En Allemagne, pays très industrialisé, cet équilibre n’existait pas. En effet, les dépenses privées ou publiques de ce pays dépassaient ses moyens, l’épargne était insuffisante. L’institution d’un système d’épargne obligatoire ne s’était traduite que par la création de nouveaux impôts, et n’a pas remplacé l’épargne véritable.

À la suite de la guerre de 1914-1918, après s’être débarrassée du fardeau des réparations (j’indique entre parenthèses que les deux tiers de leur montant sont restés à la charge de la France en ce qui concerne ce pays), l’Allemagne, qui avait reconstitué sa réserve d’or en 1926, s’est lancée dans une politique d’emprunts extérieurs et dépensa sans compter. Dans l’impossibilité de tenir ses engagements, elle ne trouva plus de prêteurs.

Après l’avènement de Hitler au pouvoir, sa politique se précise. Elle s’isole dans un système d’économie fermée, utilise toutes ses ressources pour la préparation d’une guerre qui lui permettra, du moins l’espère-t-elle, de prendre par la force les biens de ses voisins de l’Ouest, puis de se retourner contre l’Union des Républiques Socialistes Soviétiques dans l’espoir d’exploiter à son profit les immenses richesses de ce grand pays.

C’est l’application des théories développées dans Mein Kampf, qui ont pour corollaires l’asservissement puis l’extermination des populations des pays conquis.

Au cours de l’occupation, les nations envahies furent pillées systématiquement et asservies brutalement, ce qui aurait permis à l’Allemagne d’atteindre ses buts de guerre, c’est-à-dire de prendre le patrimoine des pays envahis et d’exterminer progressivement les populations, si la vaillance des Nations alliées ne les avait pas délivrées.

Au lieu de s’enrichir des biens spoliés, l’Allemagne a dû les engloutir dans la guerre qu’elle avait provoquée, et ce jusqu’au moment de son écroulement.

De tels agissements, perpétrés et consommés en connaissance de cause par les dirigeants allemands, contrairement au Droit international, et notamment à la Convention de La Haye, ainsi qu’aux principes généraux du Droit pénal en vigueur dans toutes les nations civilisées, constituent des crimes de guerre dont ils doivent répondre devant votre haute juridiction.

Monsieur le Président, j’ajouterai que le Ministère Public français s’était proposé de présenter un exposé sur le pillage des œuvres d’art dans les pays occupés de l’Europe occidentale.

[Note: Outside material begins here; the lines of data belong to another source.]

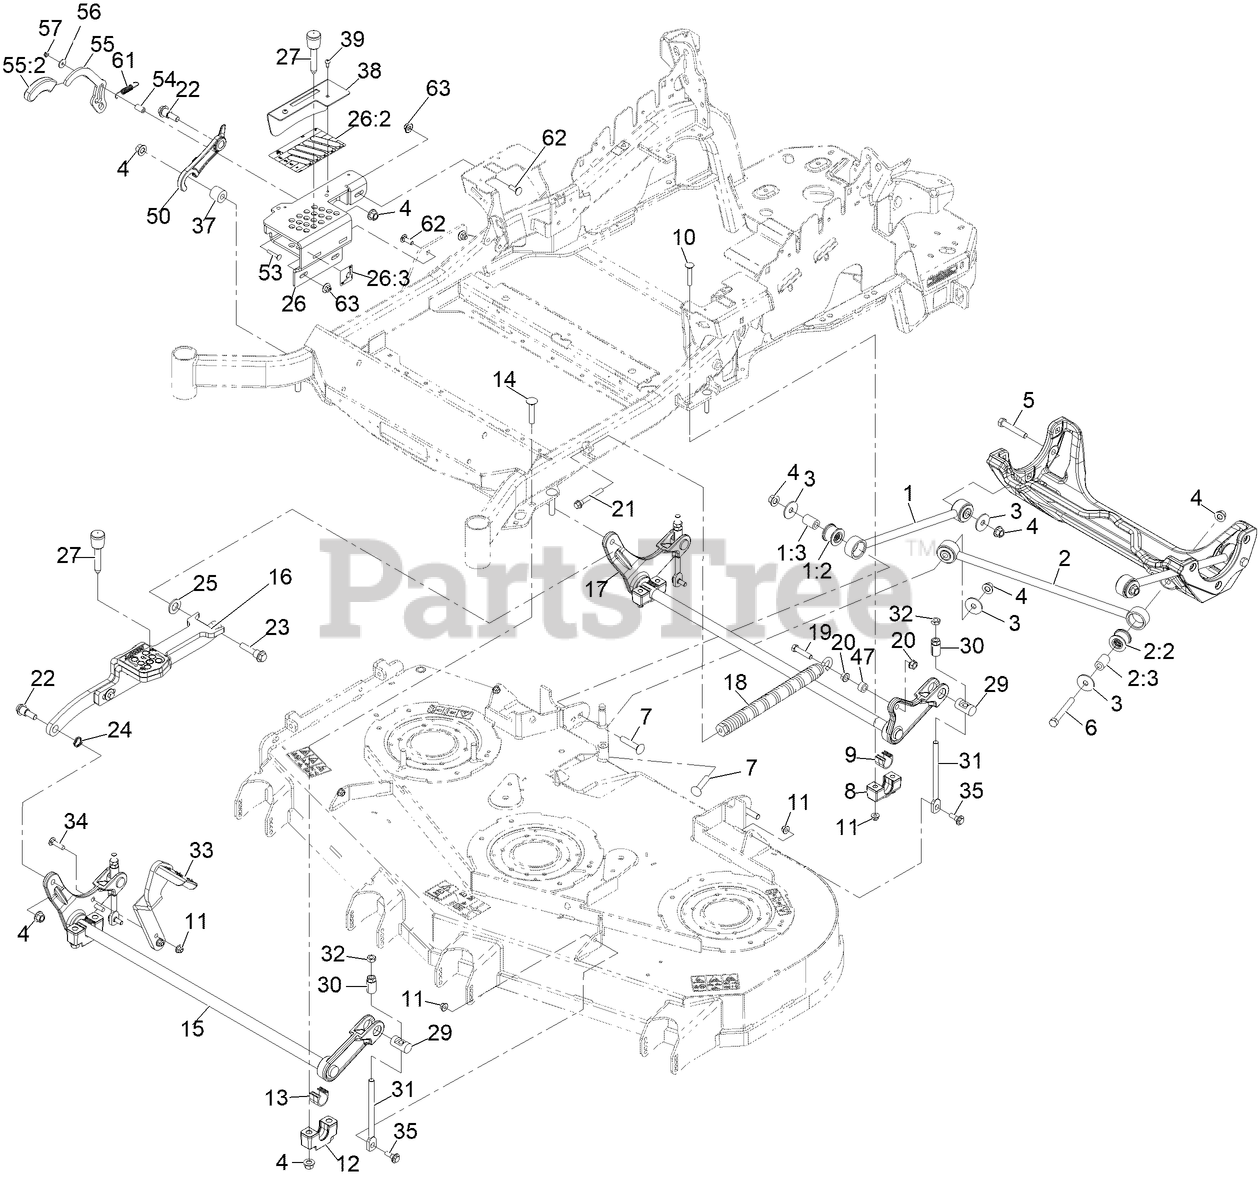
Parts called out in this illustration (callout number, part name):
1	DECK STRUT ASM
1:2	BUSHING-SUSPENSION, RUBBER
2	PANHARD ROD ASM
2:2	BUSHING-SUSPENSION, RUBBER
3	WASHER-THRUST
4	Nut-Lock 1/2-13
5	SCREW-HH
6	SCREW-HH
7	SCREW-CARR
8	SUPPORT-CROSS SHAFT, BEARING REAR
9	BEARING-CROSS SHAFT, REAR
10	Bolt-Carriage 3/8-16 X 2 1/4
11	NUT-HF, NI
12	SUPPORT-CROSS SHAFT, BEARING
13	BEARING-CROSS SHAFT, FRON
14	Bolt-Carriage 1/2-13 X 2 1/2 Spl Neck
15	Shaft- Deck Lift Front [black]
16	LINK-LIFT, DECK
17	Shaft- Deck Lift Rear [black]
18	SPRING-EXTENSION
19	SCREW-HH
21	BOLT-SHOULDER
22	SCREW-SHOULDER, HHF 1/2-13 X 1.12
23	SCREW-HHF, SHOULDER
24	WASHER-WAVE
25	WASHER-FLAT
26	ASM-HOC Box W/ Decals
26:2	Decal-HOC
26:3	DECAL-PARK BRAKE, CE
27	ASM- HOC PIN
29	TRUNNION
30	ADJUSTER-LIFT, DECK
31	LINK-ADJUSTER, DECK LIFT
32	NUT-JAM
33	LEVER-FOOT
34	SCREW-CARR
35	SCREW-SHOULDER, HHF
37	Bushing- Link
38	COVER-TRANSPORT LOCK
39	SCREW-TPH THD FORM
50	Latch-Transport, HOC
53	SCREW-CARR
54	Spacer- 0.50" OD
55	ASM-TRANSPORT LOCK LEVER W/ GRIP
55:2	GRIP-HANDLE, STEERING
57	NUT-LOCK, NI
61	Spring- Extension
62	Bolt-Carriage 3/8-16 X 1 1/4
63	Nut-Nyloc 3/8-16 Flg

Mais cette question a déjà fait l’objet de deux exposés de nos collègues des États-Unis, exposés qui nous paraissent établir indiscutablement les faits reprochés aux accusés. Pour ne pas allonger les débats, le Ministère Public français estime de son devoir de ne pas présenter à nouveau cette question, tout en restant respectueusement à la disposition du Tribunal si, au cours du Procès, il avait besoin d’une précision sur cette question.

L’exposé du Ministère Public français est terminé. Je passe la parole au capitaine Sprecher, de la délégation américaine, qui doit faire un exposé sur la responsabilité de l’accusé Fritzsche.

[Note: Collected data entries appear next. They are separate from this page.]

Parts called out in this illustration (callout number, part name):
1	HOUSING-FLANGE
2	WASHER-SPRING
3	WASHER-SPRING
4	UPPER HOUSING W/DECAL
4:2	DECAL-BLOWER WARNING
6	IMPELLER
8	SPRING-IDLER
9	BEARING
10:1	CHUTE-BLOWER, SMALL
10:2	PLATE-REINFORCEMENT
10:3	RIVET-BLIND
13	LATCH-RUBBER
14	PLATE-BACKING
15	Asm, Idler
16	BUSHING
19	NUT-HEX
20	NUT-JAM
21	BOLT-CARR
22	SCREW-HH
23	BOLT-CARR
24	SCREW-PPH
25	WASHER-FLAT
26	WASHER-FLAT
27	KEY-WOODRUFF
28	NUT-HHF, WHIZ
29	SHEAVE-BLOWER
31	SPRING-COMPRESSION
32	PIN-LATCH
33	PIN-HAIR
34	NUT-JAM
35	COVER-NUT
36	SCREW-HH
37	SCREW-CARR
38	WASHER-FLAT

CAPITAINE DREXEL A. SPRECHER (substitut du Procureur américain)

Plaise au Tribunal. Je remarque que le Dr Fritz, avocat de l’accusé, n’est pas là, et étant donné l’heure, le Tribunal voit-il une objection à ce que nous suspendions l’audience ?

LE PRÉSIDENT

II est maintenant cinq heures. Désirez-vous que nous suspendions l’audience ? C’est l’heure normale.